According to researchers from Northwestern University Feinberg School of Medicine (NUFSM) in Chicago, individuals who live by the American Heart Association’s “Life’s Simple 7” steps for a healthy heart helps reduce your cancer risk by as much as 51 percent. They also found that benefits accrue to those who take even a few of the steps, with cancer risk going down with each added heart-healthy activity.

“We were gratified to know adherence to the Life’s Simple 7 goals was also associated with reduced incidence of cancer,” said Laura J. Rasmussen-Torvik lead author and assistant professor at NUFSM in Chicago. “This can help health professionals provide a clear, consistent message about the most important things people can do to protect their health and lower their overall risk for chronic diseases.”

Life’s Simple 7 recommends the following steps for a healthy heart:

  • Being physically active.
  • Keeping a healthy weight.
  • Eating a healthy diet.
  • Maintaining healthy cholesterol levels.
  • Keeping blood pressure down.
  • Regulating blood sugar levels.
  • Not smoking.

The study, published in the AHA journal Circulation, analyzed health records of more than 13,000 white and African-American men and women participating in the Atherosclerosis Risk in Communities study. At the start of the program, participants were asked and examined to determine which health factors they possessed.

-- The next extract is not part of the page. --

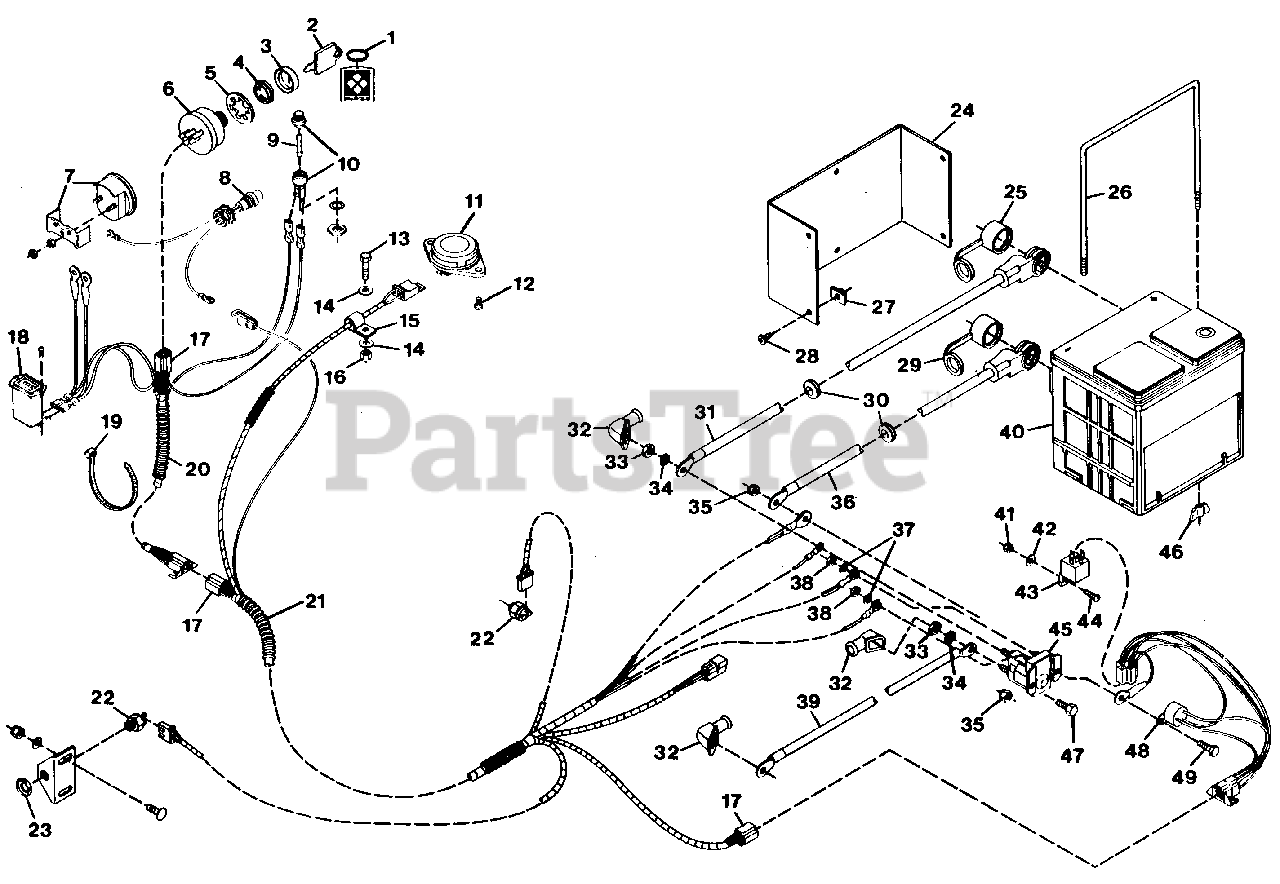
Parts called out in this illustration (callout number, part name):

Twenty years later, researchers looked at the cancer registries and hospital records and found that 2,880 of the participants developed various types of cancers including breast, colon, and lung. The team found that participants who stuck to six or seven of the “Simple 7” factors cut their risk of cancer by 51 percent compared with participants who met none of the factors. Those who met four factors led to a 33 percent risk reduction while those who met one or two criteria reduced their risk by 21 percent.

“We’re trying to help promote a comprehensive health message,” Rasmussen-Torvik said. “Quitting smoking is very important, but there are other factors you need to be aware of if you want to live a healthy life.

“This adds to the strong body of literature suggesting that it’s never too late to change, and that if you make changes like quitting smoking and improving your diet, you can reduce your risk for both cardiovascular disease and cancer.”